True for LINQ to SQL, not so much for LINQ to Objects as evaluated in the benchmarks. Of course, one toy benchmark over 1k objects doesn't fully characterize its performance, but at least we don't have to worry about the database latency free variable.

accessing database data over a connection with non-trivial latency. ... But the toy benchmark doesn't address it

I disagree entirely. I know when I'm using LINQ to SQL, and when I'm using LINQ to objects. My experience is that LINQ to objects is more common and very useful. He's using larger data volumes than I generally am, so there's absolutely nothing "toy" about it.

btilly 5924 days ago

Toy benchmarks frequently use large data volumes. That is easy to do. What is harder to do in a benchmark is providing realistically complex logic to go with those volumes. Many systems work well on the simple cases, but have bad edge cases that can get tickled by a more complex problem.

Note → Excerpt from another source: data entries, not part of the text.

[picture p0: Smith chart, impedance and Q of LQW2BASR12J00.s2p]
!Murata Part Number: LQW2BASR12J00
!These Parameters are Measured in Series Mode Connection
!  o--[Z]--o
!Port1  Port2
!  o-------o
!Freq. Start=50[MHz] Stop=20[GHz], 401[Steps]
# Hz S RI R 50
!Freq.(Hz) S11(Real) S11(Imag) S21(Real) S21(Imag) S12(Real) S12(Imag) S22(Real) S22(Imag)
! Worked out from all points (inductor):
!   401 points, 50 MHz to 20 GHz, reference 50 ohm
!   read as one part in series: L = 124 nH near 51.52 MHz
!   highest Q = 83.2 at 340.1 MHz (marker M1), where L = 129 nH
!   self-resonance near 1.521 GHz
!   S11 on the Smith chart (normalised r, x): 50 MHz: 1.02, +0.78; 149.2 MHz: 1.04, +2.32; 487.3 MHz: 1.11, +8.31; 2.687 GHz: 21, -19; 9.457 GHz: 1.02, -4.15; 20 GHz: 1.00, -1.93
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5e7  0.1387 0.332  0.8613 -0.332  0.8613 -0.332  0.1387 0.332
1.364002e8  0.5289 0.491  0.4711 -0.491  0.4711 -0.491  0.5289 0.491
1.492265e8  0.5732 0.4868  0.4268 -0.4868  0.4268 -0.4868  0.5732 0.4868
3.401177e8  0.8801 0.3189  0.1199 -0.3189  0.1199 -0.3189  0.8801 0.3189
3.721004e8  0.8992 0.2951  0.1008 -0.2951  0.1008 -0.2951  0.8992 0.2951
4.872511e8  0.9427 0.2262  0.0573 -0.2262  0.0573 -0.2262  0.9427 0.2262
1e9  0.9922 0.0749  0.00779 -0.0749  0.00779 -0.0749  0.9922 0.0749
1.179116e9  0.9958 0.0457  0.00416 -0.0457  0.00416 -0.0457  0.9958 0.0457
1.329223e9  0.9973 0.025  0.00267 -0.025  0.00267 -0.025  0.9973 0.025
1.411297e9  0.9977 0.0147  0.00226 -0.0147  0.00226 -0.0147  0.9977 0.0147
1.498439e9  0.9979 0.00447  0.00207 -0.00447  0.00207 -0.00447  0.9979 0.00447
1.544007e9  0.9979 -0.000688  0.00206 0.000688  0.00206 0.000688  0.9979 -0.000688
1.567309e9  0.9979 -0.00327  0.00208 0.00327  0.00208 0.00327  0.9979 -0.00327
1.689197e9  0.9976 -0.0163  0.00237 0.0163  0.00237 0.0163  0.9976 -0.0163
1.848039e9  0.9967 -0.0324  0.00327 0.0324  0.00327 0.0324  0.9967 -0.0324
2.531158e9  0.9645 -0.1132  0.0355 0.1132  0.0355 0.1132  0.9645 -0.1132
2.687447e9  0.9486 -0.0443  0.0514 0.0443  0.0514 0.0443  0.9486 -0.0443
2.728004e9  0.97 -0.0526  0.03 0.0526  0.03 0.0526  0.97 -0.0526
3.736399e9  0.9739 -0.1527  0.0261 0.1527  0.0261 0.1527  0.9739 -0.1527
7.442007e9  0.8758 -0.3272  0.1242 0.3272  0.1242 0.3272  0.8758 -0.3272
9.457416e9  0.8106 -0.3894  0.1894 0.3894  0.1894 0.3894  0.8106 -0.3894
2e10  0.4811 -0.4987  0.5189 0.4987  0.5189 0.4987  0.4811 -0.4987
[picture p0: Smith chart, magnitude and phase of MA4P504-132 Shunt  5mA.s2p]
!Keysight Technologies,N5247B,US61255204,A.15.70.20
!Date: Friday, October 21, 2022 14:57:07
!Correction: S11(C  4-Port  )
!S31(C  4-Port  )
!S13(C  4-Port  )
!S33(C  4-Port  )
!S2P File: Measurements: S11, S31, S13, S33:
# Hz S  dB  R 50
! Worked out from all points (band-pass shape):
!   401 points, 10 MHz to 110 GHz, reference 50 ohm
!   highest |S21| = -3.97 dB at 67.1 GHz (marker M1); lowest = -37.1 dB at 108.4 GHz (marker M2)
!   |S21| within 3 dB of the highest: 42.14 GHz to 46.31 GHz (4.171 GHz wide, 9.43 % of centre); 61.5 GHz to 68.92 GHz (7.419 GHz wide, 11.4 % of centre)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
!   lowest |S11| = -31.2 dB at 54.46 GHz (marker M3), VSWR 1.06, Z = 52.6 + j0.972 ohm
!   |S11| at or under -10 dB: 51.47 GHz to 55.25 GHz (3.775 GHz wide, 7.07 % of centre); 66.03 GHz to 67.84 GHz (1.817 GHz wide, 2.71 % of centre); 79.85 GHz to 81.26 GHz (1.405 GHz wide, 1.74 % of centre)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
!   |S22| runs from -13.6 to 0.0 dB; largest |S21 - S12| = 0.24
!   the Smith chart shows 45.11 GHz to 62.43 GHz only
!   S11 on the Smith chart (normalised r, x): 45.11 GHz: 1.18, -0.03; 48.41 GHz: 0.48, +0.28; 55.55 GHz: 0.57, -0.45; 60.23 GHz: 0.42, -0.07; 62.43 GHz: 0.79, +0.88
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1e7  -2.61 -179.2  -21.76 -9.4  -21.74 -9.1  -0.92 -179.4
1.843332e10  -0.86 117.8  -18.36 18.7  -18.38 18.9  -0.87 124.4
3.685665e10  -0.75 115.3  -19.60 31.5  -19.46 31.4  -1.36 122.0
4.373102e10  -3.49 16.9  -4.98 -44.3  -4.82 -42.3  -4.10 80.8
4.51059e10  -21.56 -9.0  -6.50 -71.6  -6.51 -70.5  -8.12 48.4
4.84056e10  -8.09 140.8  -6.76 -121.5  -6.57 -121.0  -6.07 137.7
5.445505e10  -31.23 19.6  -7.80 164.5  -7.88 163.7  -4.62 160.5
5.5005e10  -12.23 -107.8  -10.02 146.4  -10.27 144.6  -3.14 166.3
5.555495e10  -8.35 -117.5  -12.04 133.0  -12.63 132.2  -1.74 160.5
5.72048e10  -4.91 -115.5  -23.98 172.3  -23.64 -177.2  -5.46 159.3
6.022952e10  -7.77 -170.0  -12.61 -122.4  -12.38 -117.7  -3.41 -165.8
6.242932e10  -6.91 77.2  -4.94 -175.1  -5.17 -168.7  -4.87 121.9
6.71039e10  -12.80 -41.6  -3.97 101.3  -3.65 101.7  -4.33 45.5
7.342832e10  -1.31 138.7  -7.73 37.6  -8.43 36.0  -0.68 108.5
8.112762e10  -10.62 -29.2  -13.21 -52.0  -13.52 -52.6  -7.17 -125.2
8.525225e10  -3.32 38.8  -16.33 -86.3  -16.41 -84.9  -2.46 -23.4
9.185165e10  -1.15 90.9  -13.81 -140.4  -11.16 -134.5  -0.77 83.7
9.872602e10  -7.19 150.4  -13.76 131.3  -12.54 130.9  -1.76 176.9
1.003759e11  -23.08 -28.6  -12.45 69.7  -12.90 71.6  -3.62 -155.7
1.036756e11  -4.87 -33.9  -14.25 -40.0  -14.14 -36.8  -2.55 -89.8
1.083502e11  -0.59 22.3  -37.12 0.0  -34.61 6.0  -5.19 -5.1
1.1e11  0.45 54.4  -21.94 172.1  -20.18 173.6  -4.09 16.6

But the logic that I have successfully used LINQ on:

- operates on lists of objects, not database queries.

- operates on small quantities of data. It doesn't matter if there are only five items in a list. If you have to filter them, you have to filter them

- is not that complex.

We use foreaches as well, or a combination. LINQ is great for automating simple things, e.g. turn a loop to find an item into a .FirstOrDefault(x => x.SomeCondition). It would be interesting to see if, as our grasp of LINQ improves, we run into any of these supposed corner cases. But it hasn't happened yet.